Stored dataset items:

■ ■ ■ ■ ■

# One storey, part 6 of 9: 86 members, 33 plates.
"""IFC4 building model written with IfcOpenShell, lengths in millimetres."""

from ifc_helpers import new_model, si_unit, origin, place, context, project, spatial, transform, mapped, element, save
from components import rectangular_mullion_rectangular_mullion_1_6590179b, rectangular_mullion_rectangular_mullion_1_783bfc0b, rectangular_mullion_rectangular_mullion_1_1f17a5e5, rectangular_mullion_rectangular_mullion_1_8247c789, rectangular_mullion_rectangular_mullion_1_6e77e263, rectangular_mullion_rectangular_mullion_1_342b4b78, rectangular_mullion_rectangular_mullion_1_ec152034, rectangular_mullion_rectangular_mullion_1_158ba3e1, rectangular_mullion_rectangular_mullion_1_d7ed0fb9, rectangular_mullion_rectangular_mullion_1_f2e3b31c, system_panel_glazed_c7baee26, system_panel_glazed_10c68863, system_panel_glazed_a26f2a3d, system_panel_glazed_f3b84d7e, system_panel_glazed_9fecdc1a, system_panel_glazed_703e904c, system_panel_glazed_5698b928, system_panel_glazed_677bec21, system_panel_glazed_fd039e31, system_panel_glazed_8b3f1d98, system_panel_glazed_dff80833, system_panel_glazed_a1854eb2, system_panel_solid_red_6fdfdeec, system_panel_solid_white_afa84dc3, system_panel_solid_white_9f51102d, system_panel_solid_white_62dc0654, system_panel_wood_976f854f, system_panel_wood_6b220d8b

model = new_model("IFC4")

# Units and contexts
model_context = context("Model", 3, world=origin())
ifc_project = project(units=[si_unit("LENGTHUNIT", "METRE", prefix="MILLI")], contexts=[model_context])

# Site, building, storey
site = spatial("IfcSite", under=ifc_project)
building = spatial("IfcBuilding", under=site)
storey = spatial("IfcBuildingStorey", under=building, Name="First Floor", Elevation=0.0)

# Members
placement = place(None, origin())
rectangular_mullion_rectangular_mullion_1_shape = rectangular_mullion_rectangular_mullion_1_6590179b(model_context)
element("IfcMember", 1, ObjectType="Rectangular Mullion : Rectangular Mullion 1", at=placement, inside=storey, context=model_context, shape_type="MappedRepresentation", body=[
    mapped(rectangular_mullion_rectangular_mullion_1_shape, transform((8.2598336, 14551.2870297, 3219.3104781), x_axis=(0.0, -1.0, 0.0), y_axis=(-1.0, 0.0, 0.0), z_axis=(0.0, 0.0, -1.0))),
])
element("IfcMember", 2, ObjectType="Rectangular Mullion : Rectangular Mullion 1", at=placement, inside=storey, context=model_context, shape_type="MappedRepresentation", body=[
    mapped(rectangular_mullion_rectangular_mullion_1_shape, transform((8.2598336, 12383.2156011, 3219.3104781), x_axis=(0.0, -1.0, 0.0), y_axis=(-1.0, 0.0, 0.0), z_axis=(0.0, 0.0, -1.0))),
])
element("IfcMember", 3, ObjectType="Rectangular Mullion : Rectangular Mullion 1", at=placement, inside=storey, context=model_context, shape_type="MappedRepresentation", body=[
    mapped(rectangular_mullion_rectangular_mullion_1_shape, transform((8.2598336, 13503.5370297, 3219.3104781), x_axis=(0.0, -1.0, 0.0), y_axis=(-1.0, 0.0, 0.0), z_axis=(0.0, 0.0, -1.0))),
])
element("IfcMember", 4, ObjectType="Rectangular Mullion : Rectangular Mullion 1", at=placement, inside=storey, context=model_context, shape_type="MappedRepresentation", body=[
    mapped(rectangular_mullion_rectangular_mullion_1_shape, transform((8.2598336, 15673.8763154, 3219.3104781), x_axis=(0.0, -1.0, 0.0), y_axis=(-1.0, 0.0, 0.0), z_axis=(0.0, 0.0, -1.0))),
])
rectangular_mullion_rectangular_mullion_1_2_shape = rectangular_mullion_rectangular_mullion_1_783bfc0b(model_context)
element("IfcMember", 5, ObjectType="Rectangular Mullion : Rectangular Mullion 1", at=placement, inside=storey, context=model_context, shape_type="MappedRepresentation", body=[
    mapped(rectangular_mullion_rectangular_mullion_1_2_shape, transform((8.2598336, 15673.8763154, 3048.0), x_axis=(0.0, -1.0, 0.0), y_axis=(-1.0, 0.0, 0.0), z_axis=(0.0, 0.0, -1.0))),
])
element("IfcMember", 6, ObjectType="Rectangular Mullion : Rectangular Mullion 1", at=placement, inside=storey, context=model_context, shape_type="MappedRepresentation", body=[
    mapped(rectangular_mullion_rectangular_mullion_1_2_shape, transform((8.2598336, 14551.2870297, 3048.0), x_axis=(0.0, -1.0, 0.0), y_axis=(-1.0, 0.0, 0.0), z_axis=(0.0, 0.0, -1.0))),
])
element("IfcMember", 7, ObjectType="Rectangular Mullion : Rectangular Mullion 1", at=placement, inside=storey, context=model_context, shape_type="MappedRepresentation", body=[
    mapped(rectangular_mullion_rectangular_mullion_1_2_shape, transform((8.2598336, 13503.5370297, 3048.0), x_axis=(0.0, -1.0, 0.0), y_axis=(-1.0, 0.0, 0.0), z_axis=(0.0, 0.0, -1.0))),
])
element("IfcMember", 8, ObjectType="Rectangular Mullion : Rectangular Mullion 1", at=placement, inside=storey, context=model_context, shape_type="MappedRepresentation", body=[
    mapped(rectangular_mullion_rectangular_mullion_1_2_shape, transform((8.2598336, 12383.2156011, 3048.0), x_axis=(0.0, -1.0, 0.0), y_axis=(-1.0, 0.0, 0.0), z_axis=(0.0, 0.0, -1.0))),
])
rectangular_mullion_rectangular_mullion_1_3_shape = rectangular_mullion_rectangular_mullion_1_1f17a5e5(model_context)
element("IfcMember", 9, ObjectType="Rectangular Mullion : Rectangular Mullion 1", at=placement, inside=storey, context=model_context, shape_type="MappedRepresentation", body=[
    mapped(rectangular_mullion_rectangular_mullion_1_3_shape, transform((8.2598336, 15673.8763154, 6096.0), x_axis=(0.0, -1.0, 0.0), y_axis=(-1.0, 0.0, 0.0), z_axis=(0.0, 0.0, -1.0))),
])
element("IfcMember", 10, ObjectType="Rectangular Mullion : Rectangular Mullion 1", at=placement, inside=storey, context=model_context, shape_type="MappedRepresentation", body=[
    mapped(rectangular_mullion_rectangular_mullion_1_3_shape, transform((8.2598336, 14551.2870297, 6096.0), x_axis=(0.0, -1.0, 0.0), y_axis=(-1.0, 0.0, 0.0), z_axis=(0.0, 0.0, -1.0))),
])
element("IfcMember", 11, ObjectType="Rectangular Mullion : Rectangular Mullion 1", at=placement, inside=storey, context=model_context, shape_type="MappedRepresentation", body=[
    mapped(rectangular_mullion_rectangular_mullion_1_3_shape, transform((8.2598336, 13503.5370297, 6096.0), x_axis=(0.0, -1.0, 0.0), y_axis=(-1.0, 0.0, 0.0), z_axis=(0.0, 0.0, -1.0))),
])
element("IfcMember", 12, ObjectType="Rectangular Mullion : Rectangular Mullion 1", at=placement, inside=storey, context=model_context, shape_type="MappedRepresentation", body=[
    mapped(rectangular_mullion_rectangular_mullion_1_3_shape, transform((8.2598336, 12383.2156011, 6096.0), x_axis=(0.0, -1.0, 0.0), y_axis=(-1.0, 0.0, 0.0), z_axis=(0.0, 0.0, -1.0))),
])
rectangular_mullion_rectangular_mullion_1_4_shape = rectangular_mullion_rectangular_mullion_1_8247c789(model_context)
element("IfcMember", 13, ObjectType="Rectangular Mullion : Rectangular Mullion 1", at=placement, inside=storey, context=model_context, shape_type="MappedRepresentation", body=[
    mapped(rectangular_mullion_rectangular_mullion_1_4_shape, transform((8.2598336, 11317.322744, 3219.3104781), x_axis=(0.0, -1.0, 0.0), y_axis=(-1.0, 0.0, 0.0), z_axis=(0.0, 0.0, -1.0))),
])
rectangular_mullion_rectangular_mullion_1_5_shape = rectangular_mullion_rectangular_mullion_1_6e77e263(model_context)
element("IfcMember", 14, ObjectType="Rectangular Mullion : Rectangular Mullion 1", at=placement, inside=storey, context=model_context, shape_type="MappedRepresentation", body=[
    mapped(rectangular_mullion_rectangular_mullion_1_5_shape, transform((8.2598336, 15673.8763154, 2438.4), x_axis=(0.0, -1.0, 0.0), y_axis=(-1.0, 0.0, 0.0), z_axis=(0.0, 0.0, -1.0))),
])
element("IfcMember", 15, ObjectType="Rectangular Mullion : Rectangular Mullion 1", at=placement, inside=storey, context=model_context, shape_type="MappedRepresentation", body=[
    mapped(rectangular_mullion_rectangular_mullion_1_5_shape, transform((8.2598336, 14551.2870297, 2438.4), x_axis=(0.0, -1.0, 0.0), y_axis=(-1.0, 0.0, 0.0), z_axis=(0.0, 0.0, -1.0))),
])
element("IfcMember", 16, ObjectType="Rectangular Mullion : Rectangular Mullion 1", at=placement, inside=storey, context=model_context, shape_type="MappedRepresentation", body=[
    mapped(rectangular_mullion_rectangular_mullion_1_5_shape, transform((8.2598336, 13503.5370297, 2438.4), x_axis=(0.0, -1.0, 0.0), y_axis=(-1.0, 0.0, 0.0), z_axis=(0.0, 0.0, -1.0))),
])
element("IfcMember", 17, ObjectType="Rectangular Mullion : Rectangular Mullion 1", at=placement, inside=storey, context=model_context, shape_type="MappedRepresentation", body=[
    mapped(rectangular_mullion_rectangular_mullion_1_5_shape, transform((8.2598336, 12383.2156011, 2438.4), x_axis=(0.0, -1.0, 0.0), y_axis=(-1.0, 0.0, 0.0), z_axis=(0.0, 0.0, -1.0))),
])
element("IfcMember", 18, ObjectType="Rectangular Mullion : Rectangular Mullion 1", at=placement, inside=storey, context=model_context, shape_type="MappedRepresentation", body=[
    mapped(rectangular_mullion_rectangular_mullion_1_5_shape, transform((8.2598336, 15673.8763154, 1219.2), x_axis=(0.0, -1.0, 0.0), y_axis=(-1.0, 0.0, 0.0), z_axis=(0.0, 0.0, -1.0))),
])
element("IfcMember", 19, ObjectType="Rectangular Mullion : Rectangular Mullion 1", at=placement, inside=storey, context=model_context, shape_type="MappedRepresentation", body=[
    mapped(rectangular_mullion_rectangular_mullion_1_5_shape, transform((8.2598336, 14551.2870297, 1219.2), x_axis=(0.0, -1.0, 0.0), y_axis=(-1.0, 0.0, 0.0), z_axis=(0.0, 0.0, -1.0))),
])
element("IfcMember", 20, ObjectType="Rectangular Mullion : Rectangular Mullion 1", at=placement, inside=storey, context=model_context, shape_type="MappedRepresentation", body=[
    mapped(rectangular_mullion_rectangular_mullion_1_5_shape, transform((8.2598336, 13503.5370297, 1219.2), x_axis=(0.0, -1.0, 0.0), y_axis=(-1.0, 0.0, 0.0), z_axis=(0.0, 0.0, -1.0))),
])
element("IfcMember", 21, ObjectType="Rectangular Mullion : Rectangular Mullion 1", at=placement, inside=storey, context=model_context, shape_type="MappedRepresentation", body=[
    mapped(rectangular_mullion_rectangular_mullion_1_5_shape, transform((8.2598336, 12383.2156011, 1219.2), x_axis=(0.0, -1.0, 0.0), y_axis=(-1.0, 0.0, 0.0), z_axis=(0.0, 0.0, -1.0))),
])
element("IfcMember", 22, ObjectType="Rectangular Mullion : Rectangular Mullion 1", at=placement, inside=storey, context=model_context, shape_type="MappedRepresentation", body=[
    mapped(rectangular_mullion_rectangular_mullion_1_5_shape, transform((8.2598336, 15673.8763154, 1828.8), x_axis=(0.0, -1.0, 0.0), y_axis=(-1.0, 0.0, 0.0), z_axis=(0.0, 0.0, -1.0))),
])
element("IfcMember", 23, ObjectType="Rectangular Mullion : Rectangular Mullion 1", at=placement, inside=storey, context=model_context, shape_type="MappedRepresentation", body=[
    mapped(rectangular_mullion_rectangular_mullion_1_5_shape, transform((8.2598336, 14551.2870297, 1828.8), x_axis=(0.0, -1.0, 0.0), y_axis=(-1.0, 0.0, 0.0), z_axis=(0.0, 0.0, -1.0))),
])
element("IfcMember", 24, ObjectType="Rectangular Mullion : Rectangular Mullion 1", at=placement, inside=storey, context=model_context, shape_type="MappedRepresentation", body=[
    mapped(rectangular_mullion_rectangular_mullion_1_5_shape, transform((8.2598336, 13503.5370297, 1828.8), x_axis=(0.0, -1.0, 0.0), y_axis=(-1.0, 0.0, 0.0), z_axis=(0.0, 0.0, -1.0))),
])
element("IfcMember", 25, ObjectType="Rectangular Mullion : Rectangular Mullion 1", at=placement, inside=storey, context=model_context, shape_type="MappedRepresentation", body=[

■ ■ ■ ■ ■

### Work instruction:
From the data, list each line in which the string "contexts" appears.

### Answer section:
# Units and contexts
ifc_project = project(units=[si_unit("LENGTHUNIT", "METRE", prefix="MILLI")], contexts=[model_context])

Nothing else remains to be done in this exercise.